Work instruction:
An exact reproduction is required of the lines from the beginning of the entries through the line with "msp.add_line(p, q, dxfattribs=at)", pictures excluded and nothing added.

Extracted data:
================

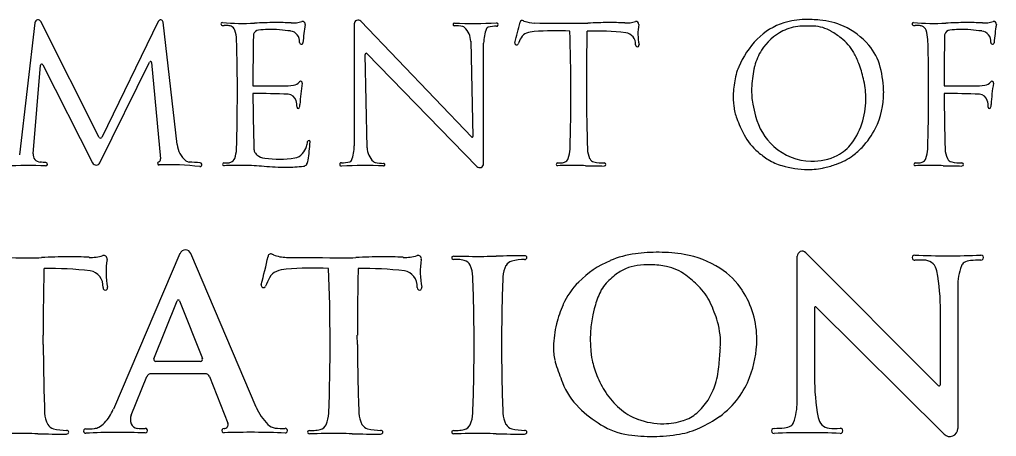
# Model space of a CAD drawing. Extents: x 0 to 70.2, y 0 to 31.4.
# Drawn here: x 29.677 to 31.261, y 1.366 to 2.042 of the extents above; entities that cross this region are included whole.
import ezdxf

# ---------------------------------------------------------------- set-up
doc = ezdxf.new("R2010")
doc.units = 0
doc.layers.add('SH_Text', color=7, linetype='Continuous')

msp = doc.modelspace()

# ---------------------------------------------------------------- linework, layer by layer
at = {"layer": 'SH_Text'}
for p, q in [((29.7021, 2.0371), (29.6772, 1.823)), ((29.8064, 1.8512), (29.7118, 2.0388)), ((29.9021, 2.0393), (29.8105, 1.8512)), ((29.9325, 1.8395), (29.9099, 2.038)), ((30.22, 2.0352), (30.22, 1.8373)), ((30.4107, 1.8518), (30.2304, 2.0394)), ((30.4089, 2.0069), (30.4122, 1.8525)), ((30.4297, 1.8085), (30.4297, 2.0041)), ((30.2408, 1.8345), (30.2375, 1.9857)), ((30.2404, 1.987), (30.4188, 1.804)), ((29.699, 1.8247), (29.711, 1.9682)), ((29.7148, 1.9689), (29.7957, 1.8098)), ((29.8073, 1.8098), (29.8881, 1.9733)), ((29.8913, 1.9727), (29.9057, 1.8162)), ((30.8422, 1.9626), (30.8422, 1.9626)), ((30.5964, 1.9347), (30.5965, 1.9222)), ((30.952, 1.6643), (31.1668, 1.4489)), ((29.9373, 1.663), (29.8293, 1.4104)), ((30.0608, 1.4139), (29.955, 1.663)), ((30.9382, 1.4227), (30.9382, 1.6586)), ((31.1985, 1.609), (31.1985, 1.3792)), ((29.895, 1.4921), (29.9328, 1.5861)), ((29.9366, 1.5861), (29.9736, 1.4925)), ((30.9661, 1.5753), (30.9661, 1.4628)), ((31.1765, 1.3701), (30.9686, 1.5763)), ((31.1705, 1.4505), (31.1705, 1.5689)), ((29.7156, 1.5154), (29.7155, 1.5308)), ((30.225, 1.5154), (30.2249, 1.5308)), ((29.9705, 1.488), (29.8977, 1.488)), ((29.8583, 1.4011), (29.8834, 1.4633)), ((29.8906, 1.4682), (29.9782, 1.4682)), ((29.985, 1.4636), (30.0148, 1.388)), ((30.0608, 1.4139), (30.0608, 1.4139))]:
    msp.add_line(p, q, dxfattribs=at)
for centre, radius, start, end in [((29.7072, 2.0365), 0.00515, 26.76, 173.3517), ((29.9058, 2.0375), 0.00411, 6.5079, 154.0337), ((30.0059, 2.035), 0.00228, 85.6429, 267.986), ((30.0096, 2.1394), 0.1067, 267.986, 269.6056), ((30.0392, 2.4723), 0.4363, 265.6429, 272.4818), ((30.0077, 1.8714), 0.1612, 87.8585, 89.6056), ((30.0129, 2.0108), 0.0217, 70.7604, 87.8585), ((30.0167, 2.0217), 0.0102, 19.7623, 70.7604), ((30.1026, 1.0101), 1.0273, 90.6415, 92.4818), ((30.0955, 1.6443), 0.393, 86.7596, 90.6415), ((30.1205, 2.0852), 0.0485, 266.7596, 287.419), ((30.1362, 2.0349), 0.00418, 350.1932, 107.419), ((30.4383, 1.9826), 0.3024, 170.1932, 175.8069), ((30.226, 2.0352), 0.00603, 43.8796, 180), ((30.3821, 2.0343), 0.00205, 88.0144, 271.2216), ((30.411, 2.8672), 0.8313, 268.0144, 272.7235), ((30.3833, 1.979), 0.0533, 76.384, 91.2216), ((30.3943, 2.0243), 0.00669, 47.2331, 76.384), ((30.3775, 2.0062), 0.0313, 1.2424, 47.2331), ((30.4381, 2.0259), 0.00413, 102.9109, 157.8419), ((30.4497, 1.9751), 0.0562, 89.1136, 102.9109), ((30.4506, 2.0341), 0.00275, 269.1136, 92.7235), ((29.9173, 2.1666), 0.5858, 343.9543, 347.2977), ((30.4924, 2.037), 0.00377, 57.0565, 167.2977), ((30.4977, 2.0451), 0.00594, 237.0565, 249.7887), ((30.5123, 2.0849), 0.0483, 249.7887, 269.4589), ((30.6219, 13.6936), 11.6575, 269.45892, 269.81615), ((30.5855, 2.3455), 0.3094, 269.8161, 272.4818), ((30.6434, 1.0101), 1.0273, 90.6415, 92.4818), ((30.6363, 1.6443), 0.393, 86.7596, 90.6415), ((30.6613, 2.0852), 0.0485, 266.7596, 287.419), ((30.677, 2.0349), 0.00418, 350.1932, 107.419), ((30.7672, 2.0193), 0.0873, 170.1932, 191.6899), ((30.9489, 1.9356), 0.1064, 107.613, 135.2994), ((30.9472, 1.9591), 0.0723, 93.5922, 116.7026), ((30.9507, 1.9299), 0.1123, 90.0889, 107.613), ((30.9559, 1.8205), 0.2112, 87.6816, 93.5922), ((30.951, 1.7307), 0.3116, 85.6243, 90.0889), ((30.962, 1.9692), 0.0624, 59.809, 87.6816), ((30.966, 1.9261), 0.1155, 65.7405, 85.6243), ((30.9658, 1.9258), 0.1159, 40.354, 65.7405), ((31.1267, 2.035), 0.00228, 85.6429, 267.986), ((31.1304, 2.1394), 0.1067, 267.986, 269.6056), ((31.1601, 2.4723), 0.4363, 265.6429, 272.4818), ((31.1286, 1.8714), 0.1612, 87.8585, 89.6056), ((31.1338, 2.0108), 0.0217, 70.7604, 87.8585), ((31.1376, 2.0217), 0.0102, 19.7623, 70.7604), ((31.2234, 1.0101), 1.0273, 90.6415, 92.4818), ((31.2163, 1.6443), 0.393, 86.7596, 90.6415), ((31.2413, 2.0852), 0.0485, 266.7596, 287.419), ((31.2571, 2.0349), 0.00418, 350.1932, 107.419), ((31.5591, 1.9826), 0.3024, 170.1932, 175.8069), ((29.9801, 2.0085), 0.0491, 1.7776, 19.7623), ((33.8639, 1.9408), 3.8083, 178.862, 180.092), ((30.0654, 2.0162), 0.00901, 166.7992, 178.862), ((30.0654, 2.0162), 0.00901, 94.329, 166.7992), ((30.0914, 1.6732), 0.353, 91.9186, 94.329), ((30.0848, 1.8676), 0.1586, 84.8974, 91.9186), ((30.0549, 1.5324), 0.4951, 82.8496, 84.8974), ((30.1144, 2.0068), 0.0169, 354.4676, 82.8496), ((30.4916, 2.0041), 0.0619, 157.8419, 180), ((30.7843, 1.8596), 0.3313, 152.483, 154.4116), ((30.5041, 2.0056), 0.0153, 108.5195, 152.483), ((30.5159, 1.9702), 0.0526, 94.677, 108.5195), ((30.5462, 1.5998), 0.4242, 86.8419, 94.677), ((27.6138, 1.924), 2.9574, 358.2224, 1.9263), ((34.4047, 1.9408), 3.8083, 178.7595, 180.092), ((30.6114, 1.5893), 0.4342, 83.5706, 91.8541), ((30.658, 2.0027), 0.0181, 355.2971, 83.5706), ((30.9541, 1.9454), 0.0876, 116.7026, 147.5385), ((30.9211, 1.8989), 0.1436, 52.0865, 59.809), ((30.9595, 1.9483), 0.0811, 29.7562, 52.0865), ((31.1009, 2.0085), 0.0491, 1.7776, 19.7623), ((34.9847, 1.9408), 3.8083, 178.862, 180.092), ((31.1862, 2.0162), 0.00901, 166.7992, 178.862), ((31.1862, 2.0162), 0.00901, 94.329, 166.7992), ((31.2122, 1.6732), 0.353, 91.9186, 94.329), ((31.2057, 1.8676), 0.1586, 84.8974, 91.9186), ((31.1757, 1.5324), 0.4951, 82.8496, 84.8974), ((31.2353, 2.0068), 0.0169, 354.4676, 82.8496), ((27.073, 1.924), 2.9574, 358.2224, 1.6678), ((30.134, 2.0049), 0.00275, 174.4676, 355.814), ((30.483, 2.0039), 0.00285, 163.9543, 334.4116), ((30.6789, 2.001), 0.00287, 175.2971, 11.6899), ((30.9743, 1.9104), 0.1421, 135.2994, 157.2066), ((30.9854, 1.9424), 0.0903, 14.436, 40.354), ((28.1939, 1.924), 2.9574, 358.2224, 1.6678), ((31.2549, 2.0049), 0.00275, 174.4676, 355.814), ((30.2392, 1.9858), 0.0017, 44.2691, 181.2424), ((30.9541, 1.9454), 0.0876, 147.5385, 165.5071), ((30.9283, 1.9304), 0.117, 20.2973, 29.7562), ((29.713, 1.968), 0.00202, 26.9301, 175.2118), ((29.8897, 1.9726), 0.00168, 5.2421, 153.683), ((30.9743, 1.9104), 0.1421, 157.2066, 158.442), ((30.9978, 1.9341), 0.1328, 165.5071, 167.8795), ((30.8259, 1.8926), 0.2262, 13.7527, 20.2973), ((30.9037, 1.9213), 0.1747, 0.6253, 14.436), ((31.0069, 1.9131), 0.1726, 167.8164, 176.8679), ((30.9203, 1.9318), 0.084, 158.442, 167.8164), ((31.0386, 1.9254), 0.1744, 167.8795, 178.2857), ((29.9544, 64.9945), 63.0599, 270.092005, 270.136322), ((30.1041, 2.0785), 0.1438, 270.1363, 276.9085), ((30.1196, 1.9506), 0.0149, 276.9085, 321.2725), ((30.1332, 1.9397), 0.0025, 349.4309, 141.2725), ((30.3623, 1.897), 0.2305, 169.4309, 178.1882), ((30.9146, 1.9143), 0.1349, 1.1426, 13.7527), ((31.0752, 64.9945), 63.0599, 270.092005, 270.136322), ((31.2249, 2.0785), 0.1438, 270.1363, 276.9085), ((31.2404, 1.9506), 0.0149, 276.9085, 321.2725), ((31.254, 1.9397), 0.0025, 349.4309, 141.2725), ((31.4831, 1.897), 0.2305, 169.4309, 178.1882), ((33.8639, 1.9408), 3.8083, 180.2792, 181.6334), ((30.0602, 0.8653), 1.057, 87.1452, 90.2477), ((30.1122, 1.907), 0.014, 16.8614, 87.1452), ((34.4047, 1.9408), 3.8083, 180.2792, 181.6334), ((30.9463, 1.9164), 0.1119, 176.8679, 187.4835), ((30.9843, 1.927), 0.1201, 178.2857, 190.5998), ((30.9153, 1.9143), 0.1342, 344.2873, 1.1426), ((30.9543, 1.9219), 0.124, 333.1433, 0.6253), ((34.9847, 1.9408), 3.8083, 180.2792, 181.6334), ((31.1811, 0.8653), 1.057, 87.1452, 90.2477), ((31.233, 1.907), 0.014, 16.8614, 87.1452), ((30.0909, 1.9005), 0.0362, 359.2549, 16.8614), ((30.1155, 1.9048), 0.0163, 340.6106, 358.1882), ((30.9313, 1.9144), 0.0968, 187.4835, 199.5864), ((31.1495, 1.9579), 0.2882, 190.5998, 194.5022), ((31.2118, 1.9005), 0.0362, 359.2549, 16.8614), ((31.2364, 1.9048), 0.0163, 340.6106, 358.1882), ((30.1291, 1.9), 0.00196, 179.2549, 340.6106), ((30.9676, 1.9109), 0.1003, 194.5022, 227.8932), ((31.2499, 1.9), 0.00196, 179.2549, 340.6106), ((31.0141, 1.9439), 0.1846, 199.5864, 208.6065), ((30.9376, 1.908), 0.1111, 323.2967, 344.2873), ((30.9397, 1.9033), 0.0999, 208.6065, 229.3453), ((30.947, 1.9256), 0.1322, 316.7511, 333.1433), ((29.8084, 1.8522), 0.00224, 206.76, 334.0337), ((29.9718, 1.844), 0.0395, 186.5079, 231.0704), ((30.107, 1.8491), 0.0376, 340.269, 352.7536), ((30.1464, 1.8441), 0.00209, 355.1286, 172.7536), ((29.4697, 1.9018), 0.6812, 352.6026, 355.1286), ((30.4113, 1.8524), 0.00087, 223.8796, 1.2424), ((30.9742, 1.8807), 0.0654, 296.3448, 323.2967), ((29.7115, 1.8236), 0.0125, 175.2118, 266.4089), ((29.9799, 1.8338), 0.0491, 340.2377, 358.2224), ((30.0695, 1.8326), 0.0123, 181.6334, 198.7573), ((30.0695, 1.8326), 0.0123, 198.7573, 233.0825), ((30.0784, 1.8445), 0.0272, 233.0825, 262.3896), ((30.1205, 1.8375), 0.0199, 278.3614, 320.8407), ((30.1057, 1.8496), 0.039, 320.8407, 340.269), ((30.1581, 1.8373), 0.0619, 337.8419, 0), ((30.2721, 1.8352), 0.0313, 181.2424, 227.2331), ((30.5207, 1.8338), 0.0491, 340.2377, 358.2224), ((30.6363, 1.8333), 0.0384, 181.6334, 205.2525), ((30.9664, 1.9345), 0.141, 229.3453, 237.7571), ((30.9624, 1.9051), 0.0926, 227.8932, 268.7516), ((30.9624, 1.9045), 0.092, 268.7516, 296.3448), ((30.9673, 1.9054), 0.1035, 289.5494, 306.2827), ((30.9649, 1.9087), 0.1076, 306.2827, 316.7511), ((31.1007, 1.8338), 0.0491, 340.2377, 358.2224), ((31.2164, 1.8333), 0.0384, 181.6334, 205.2525), ((29.7001, 1.6432), 0.1682, 83.2337, 86.4089), ((29.7196, 1.8076), 0.00274, 267.4397, 83.2335), ((29.8015, 1.8127), 0.00647, 206.9301, 333.683), ((29.9035, 1.8091), 0.00268, 108.2015, 272.13), ((29.9013, 1.8158), 0.00437, 288.2015, 5.2421), ((29.9195, 1.3796), 0.4272, 83.2778, 92.13), ((29.9527, 1.8204), 0.00915, 231.0704, 266.5207), ((29.917, 1.2341), 0.5782, 84.7288, 86.5207), ((29.9699, 1.8068), 0.00303, 263.2778, 84.7288), ((30.0087, 1.8075), 0.00217, 90.3944, 271.2943), ((30.0076, 1.9709), 0.1612, 270.3944, 272.1415), ((30.0128, 1.8315), 0.0217, 272.1415, 289.2396), ((30.0166, 1.8206), 0.0102, 289.2396, 340.2377), ((30.098, 1.9908), 0.1748, 262.3896, 278.3614), ((30.1369, 1.8114), 0.00707, 275.8096, 326.4436), ((30.1297, 1.8161), 0.0156, 326.4436, 352.6026), ((30.1991, 1.8073), 0.00275, 89.1136, 272.7235), ((30.2, 1.8663), 0.0562, 269.1136, 282.9109), ((30.2116, 1.8155), 0.00413, 282.9109, 337.8419), ((30.2554, 1.8171), 0.00669, 227.2331, 256.384), ((30.2664, 1.8624), 0.0533, 256.384, 271.2216), ((30.2676, 1.807), 0.00205, 268.0144, 91.2216), ((30.4233, 1.8085), 0.00635, 224.2691, 0), ((30.5495, 1.8075), 0.00217, 90.3944, 271.2943), ((30.5484, 1.9709), 0.1612, 270.3944, 272.1415), ((30.5536, 1.8315), 0.0217, 272.1415, 289.2396), ((30.5574, 1.8206), 0.0102, 289.2396, 340.2377), ((30.6106, 1.8212), 0.00988, 205.2525, 258.54), ((30.626, 1.8974), 0.0877, 258.54, 269.5198), ((30.6253, 1.8073), 0.00247, 269.9476, 89.5198), ((30.9361, 1.8863), 0.0841, 237.7571, 254.2366), ((30.9402, 1.9819), 0.1847, 283.3048, 289.5494), ((31.1295, 1.8075), 0.00217, 90.3944, 271.2943), ((31.1284, 1.9709), 0.1612, 270.3944, 272.1415), ((31.1336, 1.8315), 0.0217, 272.1415, 289.2396), ((31.1374, 1.8206), 0.0102, 289.2396, 340.2377), ((31.1906, 1.8212), 0.00988, 205.2525, 258.54), ((31.2061, 1.8974), 0.0877, 258.54, 269.5198), ((31.2053, 1.8073), 0.00247, 269.9476, 89.5198), ((29.6908, 1.1626), 0.6429, 87.4397, 93.1889), ((30.0343, 0.6739), 1.1317, 89.661, 91.2938), ((30.0383, 1.3444), 0.4612, 85.604, 89.661), ((30.1088, 2.2619), 0.4589, 265.604, 270.141), ((30.1092, 2.0832), 0.2803, 270.141, 275.8096), ((30.2387, 0.9742), 0.8313, 88.0144, 92.7235), ((30.5751, 0.6739), 1.1317, 89.661, 91.2938), ((30.579, 1.3444), 0.4612, 88.0337, 89.661), ((30.6261, 2.7149), 0.9101, 268.0337, 269.9476), ((30.958, 1.9639), 0.1647, 254.2366, 269.1033), ((30.9571, 1.9102), 0.111, 269.1033, 283.3048), ((31.1551, 0.6739), 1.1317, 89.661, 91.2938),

================

Written reply:
# Model space of a CAD drawing. Extents: x 0 to 70.2, y 0 to 31.4.
# Drawn here: x 29.677 to 31.261, y 1.366 to 2.042 of the extents above; entities that cross this region are included whole.
import ezdxf

# ---------------------------------------------------------------- set-up
doc = ezdxf.new("R2010")
doc.units = 0
doc.layers.add('SH_Text', color=7, linetype='Continuous')

msp = doc.modelspace()

# ---------------------------------------------------------------- linework, layer by layer
at = {"layer": 'SH_Text'}
for p, q in [((29.7021, 2.0371), (29.6772, 1.823)), ((29.8064, 1.8512), (29.7118, 2.0388)), ((29.9021, 2.0393), (29.8105, 1.8512)), ((29.9325, 1.8395), (29.9099, 2.038)), ((30.22, 2.0352), (30.22, 1.8373)), ((30.4107, 1.8518), (30.2304, 2.0394)), ((30.4089, 2.0069), (30.4122, 1.8525)), ((30.4297, 1.8085), (30.4297, 2.0041)), ((30.2408, 1.8345), (30.2375, 1.9857)), ((30.2404, 1.987), (30.4188, 1.804)), ((29.699, 1.8247), (29.711, 1.9682)), ((29.7148, 1.9689), (29.7957, 1.8098)), ((29.8073, 1.8098), (29.8881, 1.9733)), ((29.8913, 1.9727), (29.9057, 1.8162)), ((30.8422, 1.9626), (30.8422, 1.9626)), ((30.5964, 1.9347), (30.5965, 1.9222)), ((30.952, 1.6643), (31.1668, 1.4489)), ((29.9373, 1.663), (29.8293, 1.4104)), ((30.0608, 1.4139), (29.955, 1.663)), ((30.9382, 1.4227), (30.9382, 1.6586)), ((31.1985, 1.609), (31.1985, 1.3792)), ((29.895, 1.4921), (29.9328, 1.5861)), ((29.9366, 1.5861), (29.9736, 1.4925)), ((30.9661, 1.5753), (30.9661, 1.4628)), ((31.1765, 1.3701), (30.9686, 1.5763)), ((31.1705, 1.4505), (31.1705, 1.5689)), ((29.7156, 1.5154), (29.7155, 1.5308)), ((30.225, 1.5154), (30.2249, 1.5308)), ((29.9705, 1.488), (29.8977, 1.488)), ((29.8583, 1.4011), (29.8834, 1.4633)), ((29.8906, 1.4682), (29.9782, 1.4682)), ((29.985, 1.4636), (30.0148, 1.388)), ((30.0608, 1.4139), (30.0608, 1.4139))]:
    msp.add_line(p, q, dxfattribs=at)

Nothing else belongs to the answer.